L’ancien premier ministre français, Edouard Balladur, a annoncé ce lundi, 04 janvier, l’ouverture prochaine de ses archives sur le Rwanda, à quelques semaines de la remise d’un rapport d’historiens sur le rôle controversé de Paris pendant le génocide de 1994. Pourquoi Balladur prend-il les devants comme s’il avait quelque chose à se reprocher ?
« J’ai décidé d’autoriser le moment venu l’ouverture de mes archives de premier ministre, afin que chacun puisse librement constater ce que furent nos actions et ses résultats, se défend-il, ce lundi, 4 janvier, Édouard Balladur, qui fut entre 1993 et 1995, le chef d’un gouvernement de droite dit « de cohabitation », sous la présidence socialiste de François Mitterrand (sur notre photo, il est entre Jack Lang et Nicolas Sarkozy).

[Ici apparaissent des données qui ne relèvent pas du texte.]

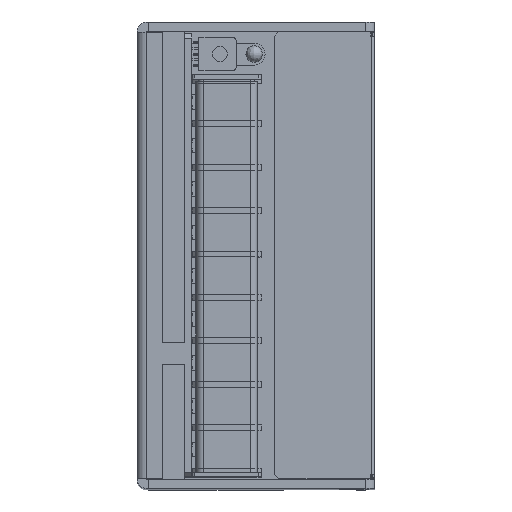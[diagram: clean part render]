
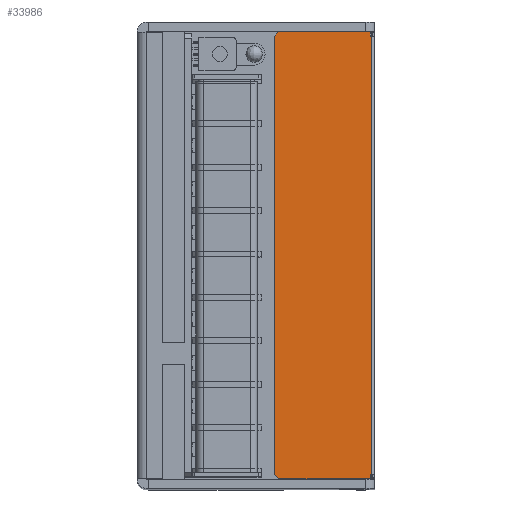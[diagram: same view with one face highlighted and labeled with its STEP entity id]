
A CAD part, top view. The second image highlights one B-rep face of the part: STEP entity #33986.
In plain terms, the highlighted planar face has unit normal (0, 0, 1).
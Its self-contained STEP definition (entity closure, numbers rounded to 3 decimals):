
#31719 = EDGE_CURVE ( 'NONE', #31720, #31721, #39087, .T. ) ;
#31720 = VERTEX_POINT ( 'NONE', #39082 ) ;
#31721 = VERTEX_POINT ( 'NONE', #39081 ) ;
#33934 = EDGE_CURVE ( 'NONE', #33945, #33980, #35811, .T. ) ;
#33940 = VERTEX_POINT ( 'NONE', #35794 ) ;
#33943 = EDGE_CURVE ( 'NONE', #33955, #31720, #35789, .T. ) ;
#33944 = EDGE_CURVE ( 'NONE', #33946, #33961, #35875, .T. ) ;
#33945 = VERTEX_POINT ( 'NONE', #35871 ) ;
#33946 = VERTEX_POINT ( 'NONE', #35869 ) ;
#33948 = ORIENTED_EDGE ( 'NONE', *, *, #33972, .F. ) ;
#33951 = ORIENTED_EDGE ( 'NONE', *, *, #33981, .T. ) ;
#33953 = EDGE_CURVE ( 'NONE', #33980, #31721, #35866, .T. ) ;
#33954 = ORIENTED_EDGE ( 'NONE', *, *, #33974, .T. ) ;
#33955 = VERTEX_POINT ( 'NONE', #35862 ) ;
#33956 = ORIENTED_EDGE ( 'NONE', *, *, #33944, .F. ) ;
#33958 = ORIENTED_EDGE ( 'NONE', *, *, #33959, .F. ) ;
#33959 = EDGE_CURVE ( 'NONE', #33940, #33945, #35860, .T. ) ;
#33961 = VERTEX_POINT ( 'NONE', #35855 ) ;
#33963 = ORIENTED_EDGE ( 'NONE', *, *, #31719, .T. ) ;
#33965 = VERTEX_POINT ( 'NONE', #35853 ) ;
#33967 = ORIENTED_EDGE ( 'NONE', *, *, #33953, .F. ) ;
#33970 = ORIENTED_EDGE ( 'NONE', *, *, #33973, .T. ) ;
#33971 = VERTEX_POINT ( 'NONE', #35852 ) ;
#33972 = EDGE_CURVE ( 'NONE', #33971, #33965, #35850, .T. ) ;
#33973 = EDGE_CURVE ( 'NONE', #33971, #33955, #35845, .T. ) ;
#33974 = EDGE_CURVE ( 'NONE', #33946, #33965, #35839, .T. ) ;
#33977 = ORIENTED_EDGE ( 'NONE', *, *, #33943, .T. ) ;
#33980 = VERTEX_POINT ( 'NONE', #35832 ) ;
#33981 = EDGE_CURVE ( 'NONE', #33940, #33961, #35939, .T. ) ;
#33982 = ORIENTED_EDGE ( 'NONE', *, *, #33934, .F. ) ;
#33986 = ADVANCED_FACE ( 'NONE', ( #35932 ), #35897, .T. ) ;
#34008 = EDGE_LOOP ( 'NONE', ( #33958, #33951, #33956, #33954, #33948, #33970, #33977, #33963, #33967, #33982 ) ) ;
#35788 = CARTESIAN_POINT ( 'NONE',  ( 51.5, 3.1, 190.7 ) ) ;
#35789 = LINE ( 'NONE', #35788, #35879 ) ;
#35794 = CARTESIAN_POINT ( 'NONE',  ( 31., 99.9, 190.7 ) ) ;
#35806 = DIRECTION ( 'NONE',  ( 0., -1., 0. ) ) ;
#35808 = VECTOR ( 'NONE', #35806, 1000. ) ;
#35810 = CARTESIAN_POINT ( 'NONE',  ( 51., 98.9, 190.7 ) ) ;
#35811 = LINE ( 'NONE', #35810, #35808 ) ;
#35832 = CARTESIAN_POINT ( 'NONE',  ( 51., 98.9, 190.7 ) ) ;
#35835 = DIRECTION ( 'NONE',  ( 0.707, -0.707, 0. ) ) ;
#35837 = VECTOR ( 'NONE', #35835, 1000. ) ;
#35838 = CARTESIAN_POINT ( 'NONE',  ( 31., 2.1, 190.7 ) ) ;
#35839 = LINE ( 'NONE', #35838, #35837 ) ;
#35841 = DIRECTION ( 'NONE',  ( 0., 1., 0. ) ) ;
#35842 = VECTOR ( 'NONE', #35841, 1000. ) ;
#35844 = CARTESIAN_POINT ( 'NONE',  ( 51., 51., 190.7 ) ) ;
#35845 = LINE ( 'NONE', #35844, #35842 ) ;
#35846 = DIRECTION ( 'NONE',  ( -1., 0., 0. ) ) ;
#35847 = VECTOR ( 'NONE', #35846, 1000. ) ;
#35848 = CARTESIAN_POINT ( 'NONE',  ( 51., 2.1, 190.7 ) ) ;
#35850 = LINE ( 'NONE', #35848, #35847 ) ;
#35852 = CARTESIAN_POINT ( 'NONE',  ( 51., 2.1, 190.7 ) ) ;
#35853 = CARTESIAN_POINT ( 'NONE',  ( 31., 2.1, 190.7 ) ) ;
#35855 = CARTESIAN_POINT ( 'NONE',  ( 30., 98.9, 190.7 ) ) ;
#35856 = DIRECTION ( 'NONE',  ( 1., 0., 0. ) ) ;
#35857 = VECTOR ( 'NONE', #35856, 1000. ) ;
#35858 = CARTESIAN_POINT ( 'NONE',  ( 51., 99.9, 190.7 ) ) ;
#35860 = LINE ( 'NONE', #35858, #35857 ) ;
#35862 = CARTESIAN_POINT ( 'NONE',  ( 51., 3.1, 190.7 ) ) ;
#35863 = DIRECTION ( 'NONE',  ( 1., 0., 0. ) ) ;
#35864 = VECTOR ( 'NONE', #35863, 1000. ) ;
#35865 = CARTESIAN_POINT ( 'NONE',  ( 51., 98.9, 190.7 ) ) ;
#35866 = LINE ( 'NONE', #35865, #35864 ) ;
#35869 = CARTESIAN_POINT ( 'NONE',  ( 30., 3.1, 190.7 ) ) ;
#35871 = CARTESIAN_POINT ( 'NONE',  ( 51., 99.9, 190.7 ) ) ;
#35872 = DIRECTION ( 'NONE',  ( 0., 1., 0. ) ) ;
#35873 = VECTOR ( 'NONE', #35872, 1000. ) ;
#35874 = CARTESIAN_POINT ( 'NONE',  ( 30., 51., 190.7 ) ) ;
#35875 = LINE ( 'NONE', #35874, #35873 ) ;
#35877 = DIRECTION ( 'NONE',  ( 1., 0., 0. ) ) ;
#35879 = VECTOR ( 'NONE', #35877, 1000. ) ;
#35891 = DIRECTION ( 'NONE',  ( 1., 0., 0. ) ) ;
#35892 = DIRECTION ( 'NONE',  ( 0., 0., 1. ) ) ;
#35894 = CARTESIAN_POINT ( 'NONE',  ( 51.5, 51., 190.7 ) ) ;
#35895 = AXIS2_PLACEMENT_3D ( 'NONE', #35894, #35892, #35891 ) ;
#35897 = PLANE ( 'NONE',  #35895 ) ;
#35932 = FACE_OUTER_BOUND ( 'NONE', #34008, .T. ) ;
#35934 = DIRECTION ( 'NONE',  ( -0.707, -0.707, 0. ) ) ;
#35936 = VECTOR ( 'NONE', #35934, 1000. ) ;
#35937 = CARTESIAN_POINT ( 'NONE',  ( 31., 99.9, 190.7 ) ) ;
#35939 = LINE ( 'NONE', #35937, #35936 ) ;
#39081 = CARTESIAN_POINT ( 'NONE',  ( 51.3, 98.9, 190.7 ) ) ;
#39082 = CARTESIAN_POINT ( 'NONE',  ( 51.3, 3.1, 190.7 ) ) ;
#39084 = DIRECTION ( 'NONE',  ( 0., 1., 0. ) ) ;
#39085 = VECTOR ( 'NONE', #39084, 1000. ) ;
#39086 = CARTESIAN_POINT ( 'NONE',  ( 51.3, 51., 190.7 ) ) ;
#39087 = LINE ( 'NONE', #39086, #39085 ) ;

Dans sa déclaration, Edouard Balladur défend, notamment, l’Opération Turquoise, une intervention militaro-humanitaire lancée par Paris au Rwanda, sous mandat de l’ONU entre juin et août 1994, qui a, selon lui, assuré la sauvegarde des victimes quelles qu’elles soient et dissuadé la poursuite des violences. Du moins, c’est ainsi qu’il se défend, pensant dissimuler le rôle très controversé de la France, pendant ce génocide.
Les détracteurs de Turquoise estiment que cette opération visait en réalité à soutenir le gouvernement génocidaire hutu, et s’inscrivait dans une stratégie de longue date menée notamment par la présidence française.
Les archives de Edouard Balladur vont faire apparaître que le gouvernement de l’époque et l’armée n’avaient rien à se reprocher, a déclaré un ancien conseiller du premier ministre, Hugues Hourdin.
Balladur aimerait que les doutes soient levés sur l’action du gouvernement qu’il a conduit, il s’agit de purger ce débat lancinant depuis 25 ans, a-t-il ajouté.
On en doute mais si tel est vraiment le cas, pourquoi juste maintenant qu’il rend ses archives publiques ? Pourquoi une telle précipitation à vouloir se défendre alors que personne, à l’heure actuelle, a directement attaqué l’action de son gouvernement. Le rapport va parler. Est-ce pour cela que les souris sortent des placards ?
Les zones d’ombre sur le rôle de Paris avant, pendant et après le génocide des Tutsis au Rwanda – qui fit selon l’ONU au moins 800 000 morts d’avril à juillet 1994 – restent une source récurrente de polémiques en France et empoisonnent les relations avec Kigali depuis près de 25 ans.
Quand on examine, aujourd’hui, l’action de la France en Afrique, avant les indépendances et après celles-ci, même le Saint-Esprit ne peut manquer de condamner sévèrement Paris. Toutes ses actions en Afrique sont teintées de néocolonialisme et de la volonté de garder les pays africains sous ses diktats. Ses actions ne sont pas animées par le souci d’instaurer la démocratie et le bien-être réel entre les citoyens. Alors, l’action de Balladur ne trompera que ceux qui sont de son côté, et non les honnêtes personnes qui pensent que la France n’a pas à chercher à rester en Afrique alors qu’elle clame partout avoir accordé l’indépendance aux pays africains concernés depuis les années 60. Le Rwanda n’est pas à proprement parler une ancienne colonie française mais la France a réussi au fil des ans à y imposer sa domination comme dans ses anciennes colonies au point d’y favoriser un génocide en 1994.
Edouard Balladur avec Alain Juppé le ministre français des Affaires étrangères pendant le génocide rwandais.
Les archives de Edouard Balladur, des centaines de notes personnelles, de notes de cabinet, de PV d’entretiens avec le président Mitterrand, seront ouvertes au grand public début avril, en même temps que la publication du rapport de la commission d’historiens dirigée par Vincent Duclert pour faire la lumière sur le rôle de Paris.
Mise en place par Emmanuel Macron en 2019, cette commission a eu accès aux archives de Edouard Balladur, mais également, à celles de François Mitterrand, le plus grand protecteur français du général-président rwandais, Juvénal Habyarimana.
L’annonce de leur ouverture au grand public est une première victoire, a réagi M. Duclert, qui espère, également, l’ouverture du Fonds Mitterrand.